**Data to process**
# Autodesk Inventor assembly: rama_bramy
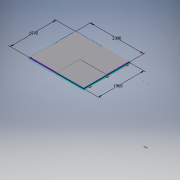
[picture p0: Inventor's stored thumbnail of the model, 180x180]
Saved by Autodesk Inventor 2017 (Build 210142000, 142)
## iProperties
Created: 2020-09
Part Number: rama_bramy
Document SubType Name: Konstrukcja spawana
Designer: X
Weld Material: Stal miękka, spawana
Mass: 112959 g
Surface Area: 245230 cm^2
Volume: 32532.3 cm^3
Density: 3.47219 g/cm^3
_SolveAssemblyDoc: Frame Generator Solve Assembly
_Version: 15.0.0
Author: X
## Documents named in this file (9)
- C:\Users\WindowsX\Desktop\brama\rama_bramy.iam
- C:\Users\WindowsX\Desktop\brama\rama bramy.ipt
- C:\Users\WindowsX\Desktop\brama\rama_bramy\Frame\Frame0001.iam
- C:\Users\WindowsX\Desktop\brama\skrzydlo_lewe.iam
- C:\Users\WindowsX\Desktop\brama\zawias_100_30.iam
- C:\Users\WindowsX\Desktop\brama\blacha_p_g.ipt
- C:\Users\WindowsX\Desktop\brama\blacha_l_g.ipt
- C:\Users\WindowsX\Desktop\brama\blacha_wew_a.ipt
- C:\Users\WindowsX\Desktop\brama\tulejka.ipt
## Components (26 placed, 8 different names)
1. rama bramy:1 — Zestawiający:3
2. Frame0001:1 [sub-assembly] — Zestawiający:1, Zestawiający:2, Zestawiający:4, Zestawiający:5, Zestawiający:6, Zestawiający:7, Zestawiający:8, Zestawiający:9, Równoległy:1, Zestawiający:10, Równoległy:3, Kąt:1, Kąt:2
3. skrzydlo_lewe:1 [sub-assembly] — Równoległy:2, Zestawiający:14, Zestawiający:15, Kąt:2, Zestawiający:19
4. skrzydlo_lewe:2 [sub-assembly] — Zestawiający:1, Zestawiający:2, Zestawiający:3, Zestawiający:16, Zestawiający:17
5. zawias_100_30:1 [sub-assembly] — Zestawiający:4, Równoległy:1, Zestawiający:10, Równoległy:2, Zestawiający:12
6. zawias_100_30:2 [sub-assembly] — Zestawiający:5
7. zawias_100_30:3 [sub-assembly] — Zestawiający:6
8. zawias_100_30:4 [sub-assembly] — Zestawiający:7
9. zawias_100_30:5 [sub-assembly] — Zestawiający:8
10. zawias_100_30:6 [sub-assembly] — Zestawiający:9
11. blacha_p_g:1 — Zestawiający:17, Zestawiający:18
12. blacha_p_g:2 — Zestawiający:16, Zestawiający:18
13. blacha_l_g:1
14. blacha_l_g:2 — Zestawiający:19
15. blacha_wew_a:1
16. blacha_wew_a:2
17. blacha_wew_a:3
18. blacha_wew_a:4
19. tulejka:1
20. tulejka:2
21. tulejka:3
22. tulejka:4
23. tulejka:5
24. tulejka:6
25. tulejka:7
26. tulejka:8
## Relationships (22: Mate 17, Flush 3, Angle 2)
- Zestawiający:1 [Mate]: Frame0001:1 ↔ skrzydlo_lewe:2
- Zestawiający:2 [Mate]: Frame0001:1 ↔ skrzydlo_lewe:2
- Zestawiający:3 [Mate]: rama bramy:1 ↔ skrzydlo_lewe:2
- Zestawiający:4 [Mate]: Frame0001:1 ↔ zawias_100_30:1
- Zestawiający:5 [Mate]: Frame0001:1 ↔ zawias_100_30:2
- Zestawiający:6 [Mate]: Frame0001:1 ↔ zawias_100_30:3
- Zestawiający:7 [Mate]: Frame0001:1 ↔ zawias_100_30:4
- Zestawiający:8 [Mate]: Frame0001:1 ↔ zawias_100_30:5
- Zestawiający:9 [Mate]: Frame0001:1 ↔ zawias_100_30:6
- Równoległy:1 [Flush]: Frame0001:1 ↔ zawias_100_30:1
- Zestawiający:10 [Mate]: Frame0001:1 ↔ zawias_100_30:1
- Równoległy:2 [Flush]: skrzydlo_lewe:1 ↔ zawias_100_30:1
- Równoległy:3 [Flush]: Frame0001:1
- Zestawiający:12 [Mate]: zawias_100_30:1
- Kąt:1 [Angle]: Frame0001:1
- Zestawiający:14 [Mate]: skrzydlo_lewe:1
- Zestawiający:15 [Mate]: skrzydlo_lewe:1
- Kąt:2 [Angle]: Frame0001:1 ↔ skrzydlo_lewe:1
- Zestawiający:16 [Mate]: skrzydlo_lewe:2 ↔ blacha_p_g:2
- Zestawiający:17 [Mate]: skrzydlo_lewe:2 ↔ blacha_p_g:1
- Zestawiający:18 [Mate]: blacha_p_g:1 ↔ blacha_p_g:2
- Zestawiający:19 [Mate]: skrzydlo_lewe:1 ↔ blacha_l_g:2

**What is needed**
From the listing above, return the lines starting at the one with "4. skrzydlo_lewe:2 [sub-assembly]" and ending at the one with "17. blacha_wew_a:3", both kept, exactly as they appear and nothing more.

**Response area**
4. skrzydlo_lewe:2 [sub-assembly] — Zestawiający:1, Zestawiający:2, Zestawiający:3, Zestawiający:16, Zestawiający:17
5. zawias_100_30:1 [sub-assembly] — Zestawiający:4, Równoległy:1, Zestawiający:10, Równoległy:2, Zestawiający:12
6. zawias_100_30:2 [sub-assembly] — Zestawiający:5
7. zawias_100_30:3 [sub-assembly] — Zestawiający:6
8. zawias_100_30:4 [sub-assembly] — Zestawiający:7
9. zawias_100_30:5 [sub-assembly] — Zestawiający:8
10. zawias_100_30:6 [sub-assembly] — Zestawiający:9
11. blacha_p_g:1 — Zestawiający:17, Zestawiający:18
12. blacha_p_g:2 — Zestawiający:16, Zestawiający:18
13. blacha_l_g:1
14. blacha_l_g:2 — Zestawiający:19
15. blacha_wew_a:1
16. blacha_wew_a:2
17. blacha_wew_a:3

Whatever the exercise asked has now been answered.